BGH, Urteile vom 09.02.2010; Az.VI ZR 243/08 und VI ZR 244/08 – Der Bundesgerichtshof hat es für zulässig erachtet, dass Spiegel Online im Internet ein Dossier mit Altmeldungen über den Mord an Walter Sedlmayr zum Abruf bereitgehalten hat, in denen der Name der Verurteilten genannt wurde und kontextbezogene Bilder der Verurteilten enthalten waren. – Die Kläger wurden im Jahr 1993 wegen Mordes an dem Schauspieler Walter Sedlmayr zu einer lebenslangen Freiheitsstrafe verurteilt. Im Jahr 2004 stellten sie Anträge auf Wiederaufnahme des Verfahrens, vor deren Zurückweisung sie sich an die Presse wandten. Im Sommer 2007 bzw. Januar 2008 wurden sie auf Bewährung entlassen. Die Beklagte betreibt das Internetportal www.spiegel.de. Dort hielt sie in der Rubrik „Dossiers“ unter dem Titel „Walter Sedlmayr Mord mit dem Hammer“ eine Zusammenstellung von fünf älteren Veröffentlichungen aus der Druckausgabe des Nachrichtenmagazins „Der Spiegel“ bzw. ihrem Internetauftritt zum kostenpflichtigen Abruf bereit.
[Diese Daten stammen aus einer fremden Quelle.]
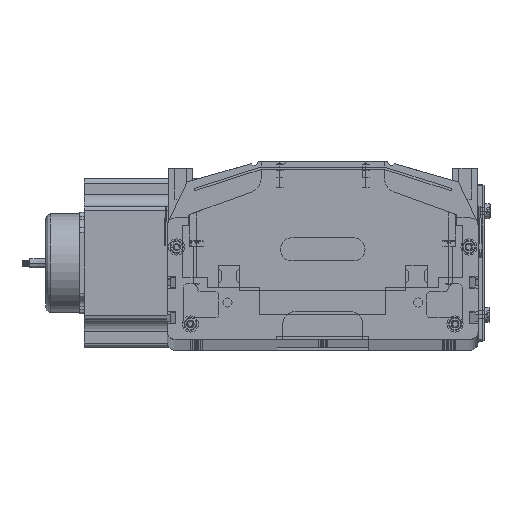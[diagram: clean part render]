
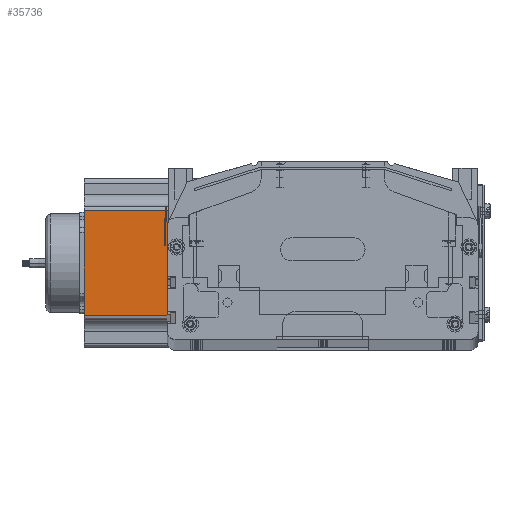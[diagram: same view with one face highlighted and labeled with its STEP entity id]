
A CAD part, top view. The second image highlights one B-rep face of the part: STEP entity #35736.
In plain terms, the highlighted planar face has unit normal (0, 0, 1) as drawn and (0, -1, 0) by its records, which use the part's own axes.
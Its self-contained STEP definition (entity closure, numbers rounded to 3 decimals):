
#35649 = ORIENTED_EDGE ( 'NONE', *, *, #35706, .T. ) ;
#35704 = VERTEX_POINT ( 'NONE', #63420 ) ;
#35705 = ORIENTED_EDGE ( 'NONE', *, *, #35731, .T. ) ;
#35706 = EDGE_CURVE ( 'NONE', #35789, #35704, #63480, .T. ) ;
#35708 = VERTEX_POINT ( 'NONE', #63470 ) ;
#35709 = EDGE_CURVE ( 'NONE', #35708, #35704, #63475, .T. ) ;
#35711 = ORIENTED_EDGE ( 'NONE', *, *, #35709, .F. ) ;
#35712 = EDGE_CURVE ( 'NONE', #35708, #35742, #63551, .T. ) ;
#35731 = EDGE_CURVE ( 'NONE', #35742, #35789, #61664, .T. ) ;
#35734 = ORIENTED_EDGE ( 'NONE', *, *, #35712, .T. ) ;
#35736 = ADVANCED_FACE ( 'NONE', ( #63954 ), #63849, .F. ) ;
#35741 = EDGE_LOOP ( 'NONE', ( #35705, #35649, #35711, #35734 ) ) ;
#35742 = VERTEX_POINT ( 'NONE', #63958 ) ;
#35789 = VERTEX_POINT ( 'NONE', #63885 ) ;
#61664 = LINE ( 'NONE', #62420, #62467 ) ;
#62420 = CARTESIAN_POINT ( 'NONE',  ( 0., 0., 0. ) ) ;
#62458 = DIRECTION ( 'NONE',  ( 1., 0., 0. ) ) ;
#62467 = VECTOR ( 'NONE', #62458, 1000. ) ;
#63286 = CARTESIAN_POINT ( 'NONE',  ( 88.952, 0., 160.5 ) ) ;
#63420 = CARTESIAN_POINT ( 'NONE',  ( 88.952, 0., 160.5 ) ) ;
#63470 = CARTESIAN_POINT ( 'NONE',  ( 21.048, 0., 160.5 ) ) ;
#63471 = DIRECTION ( 'NONE',  ( 0., 0., 1. ) ) ;
#63472 = VECTOR ( 'NONE', #63471, 1000. ) ;
#63475 = LINE ( 'NONE', #63567, #63565 ) ;
#63480 = LINE ( 'NONE', #63286, #63472 ) ;
#63543 = DIRECTION ( 'NONE',  ( 0., 0., -1. ) ) ;
#63544 = VECTOR ( 'NONE', #63543, 1000. ) ;
#63550 = CARTESIAN_POINT ( 'NONE',  ( 21.048, 0., 160.5 ) ) ;
#63551 = LINE ( 'NONE', #63550, #63544 ) ;
#63563 = DIRECTION ( 'NONE',  ( 1., 0., 0. ) ) ;
#63565 = VECTOR ( 'NONE', #63563, 1000. ) ;
#63567 = CARTESIAN_POINT ( 'NONE',  ( 0., 0., 160.5 ) ) ;
#63718 = AXIS2_PLACEMENT_3D ( 'NONE', #63822, #63821, #64024 ) ;
#63821 = DIRECTION ( 'NONE',  ( 0., 1., 0. ) ) ;
#63822 = CARTESIAN_POINT ( 'NONE',  ( 0., 0., 160.5 ) ) ;
#63849 = PLANE ( 'NONE',  #63718 ) ;
#63885 = CARTESIAN_POINT ( 'NONE',  ( 88.952, 0., 0. ) ) ;
#63954 = FACE_OUTER_BOUND ( 'NONE', #35741, .T. ) ;
#63958 = CARTESIAN_POINT ( 'NONE',  ( 21.048, 0., 0. ) ) ;
#64024 = DIRECTION ( 'NONE',  ( 0., 0., 1. ) ) ;

In mehreren dieser Meldungen waren die Kläger als wegen Mordes an Walter Sedlmayr Angeklagte bzw. Verurteilte namentlich bezeichnet. Die Veröffentlichungen vom 21. September und 30. November 1992, in denen über die Anklageerhebung bzw. den Beginn der Hauptverhandlung berichtet wurde, enthielten Fotos der Kläger.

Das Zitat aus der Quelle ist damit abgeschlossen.